“Besok sore setelah shalat Ashar, temui saya di Kafe Biru. Jangan sampai Anda menyesal,” ucapnya berlalu masuk ke dalam rumahnya.
Tari masih terpaku di tempat mencoba mencerna ucapan pria tadi. Tari ingat, dia adalah putra kedua Tuan Giriandra yang merupakan seorang perwira TNI AD. Terakhir kali ia melihat pria itu saat ulang tahun perusahaan beberapa tahun lalu.
“Apa benar dia mau menyiapkan uang sebanyak itu dalam waktu singkat?” gumam Tari mengernyit bingung. “Pasti ada maunya.”
Tari berjalan tergesa. Dengan lincah jemarinya mengutak-atik ponsel memesan ojek online. Pria paruh baya satpam rumah ini tampak meninggalkan kursinya dan hendak membuka pintu gerbang.
Ponsel yang diutak-atik itu tiba-tiba berdering. Pikirnya, itu mungkin driver yang mengkonfirmasi penjemputan. Namun, kening Tari berkerut menyadari jika panggilan telpon itu bukan dari aplikasi ojek online. Senyum Tari mengembang, menduga itu mungkin saja salah seorang calon donator.
“Halo? Selamat siang, ini dengan Tari. Maaf, saya sedang bicara dengan siapa?” sapa Tari santun.
“Calon donatur. Jangan lupa besok sore di Kafe Biru, Nona Tari. Simpan kontak saya agar Anda tahu kalau saya tidak bercanda,” sahut suara yang sama dengan suara yang beberapa saat lalu didengarnya.
Tari menatap layar ponselnya sejenak. Ia tidak sedang berhalusinasi.

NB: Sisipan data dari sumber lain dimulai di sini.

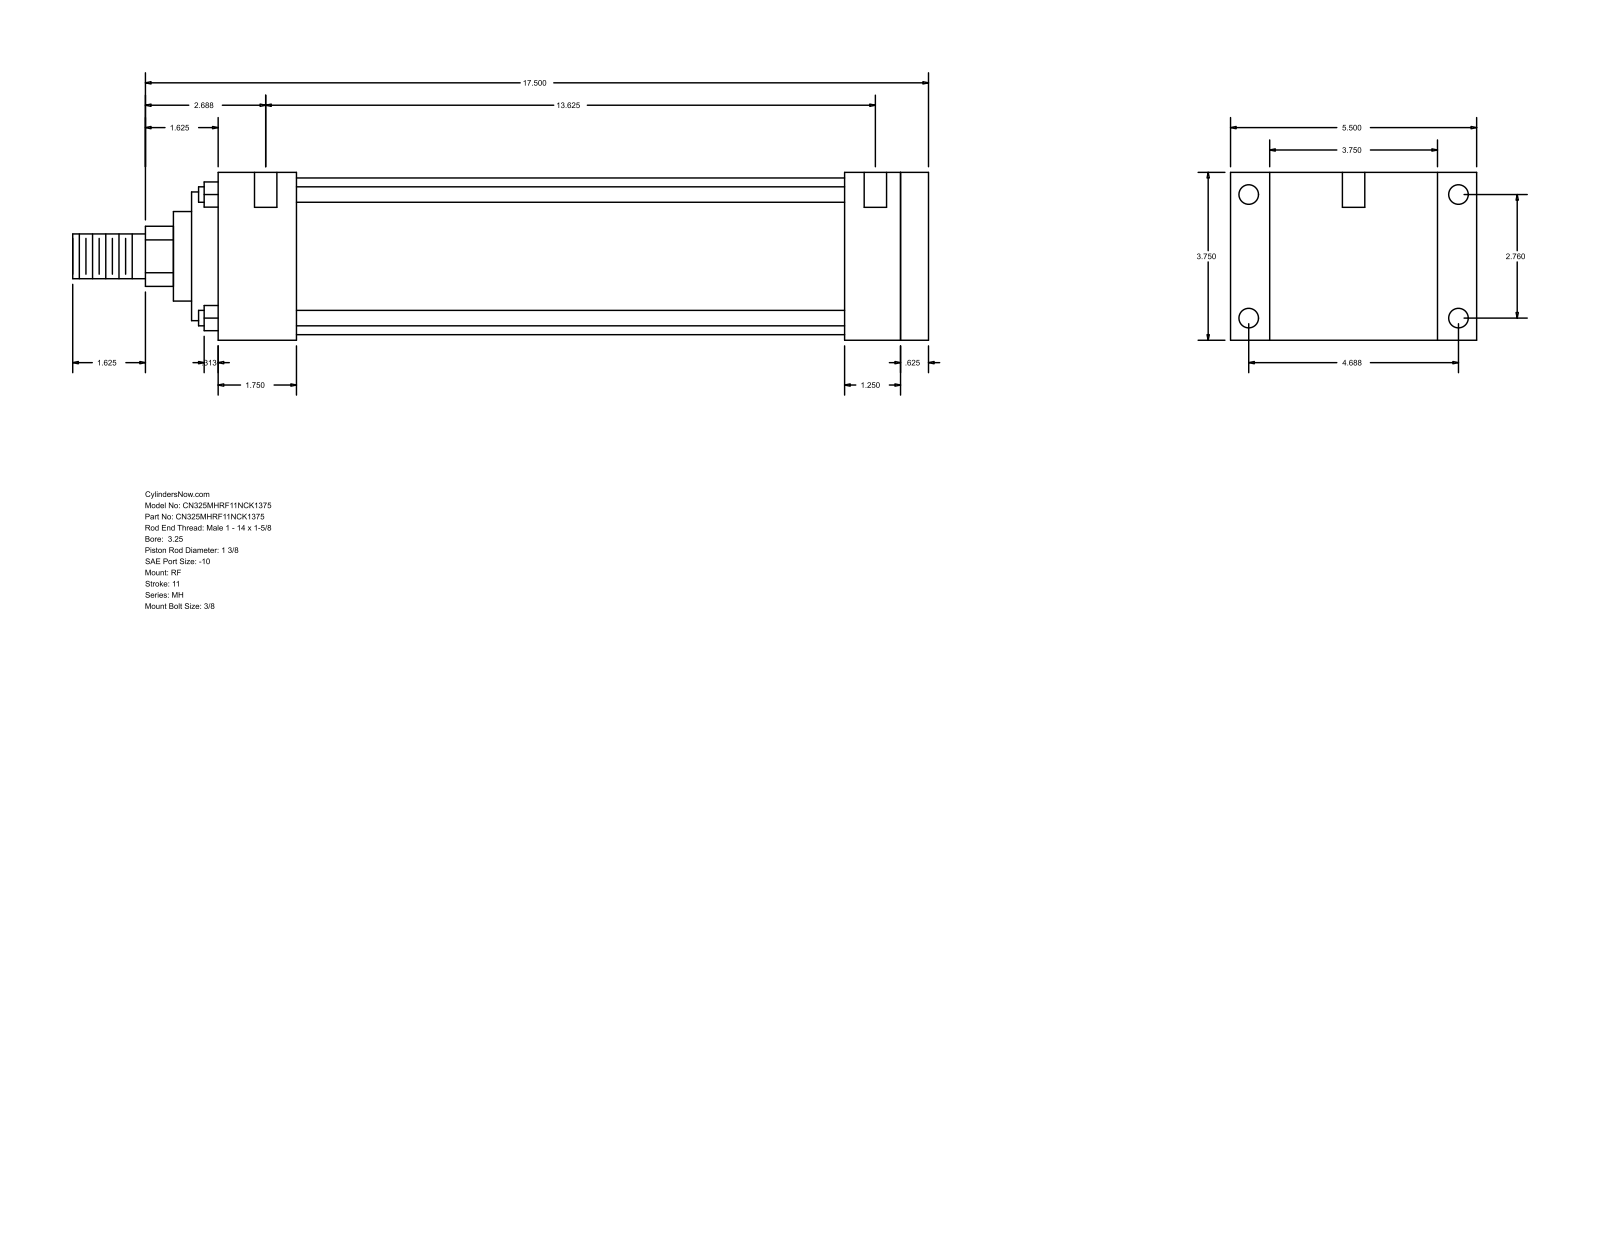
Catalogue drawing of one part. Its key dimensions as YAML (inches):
part_name: "MH_RF__0325_1.375"
step_written_by: "GSSL Pune (CONFIG_CONTROL_DESIGN)"
units: inches
bodies: {solids: 0, faces: 94, planar: 65, cylindrical: 29, other: 0}
overall_size: [19.125, 5.5, 3.75]
round_holes:
  - {diameter: 0.219, count: 4}
  - {diameter: 0.438, count: 4}
  - {diameter: 0.5, count: 2}
round_bosses_or_shafts:
  - {diameter: 0.345, count: 4}
  - {diameter: 3.5, count: 1}
  - {diameter: 2.875, count: 1}
  - {diameter: 2, count: 1}
  - {diameter: 1.375, count: 1}
  - {diameter: 1, count: 1}
partial_cylinders:
  - {radius: 0.672, count: 1}
face_to_face_distances: [3.75, 15.875, 0.625, 15.25, 0.875, 4.625, 1.75, 13.5, 14.125, 14]
hole_center_spacings: [2.76, 4.687, 5.439, 13.875, 0.063, 0.187, 13.625, 13.688]

Panggilan telpon itu nyata.
“Hati-hati di jalan, Nona Tari. Jangan berjalan seperti orang linglung, nanti tersandung. Hati-hati dengan tas bawaan Anda, jangan disampir di bahu, sebaiknya ditaruh di depan,” sarannya sehingga membuat langkah Tari terhenti.
Tari berbalik ke arah pintu utama. Pintu itu masih tertutup rapat seperti tadi. “Di atas,” bisik suara itu.
Tari mendongak dan melihat pria berseragam loreng itu berdiri di balkon kamar. “Anda dapat nomor saya dari mana, Tuan Muda?”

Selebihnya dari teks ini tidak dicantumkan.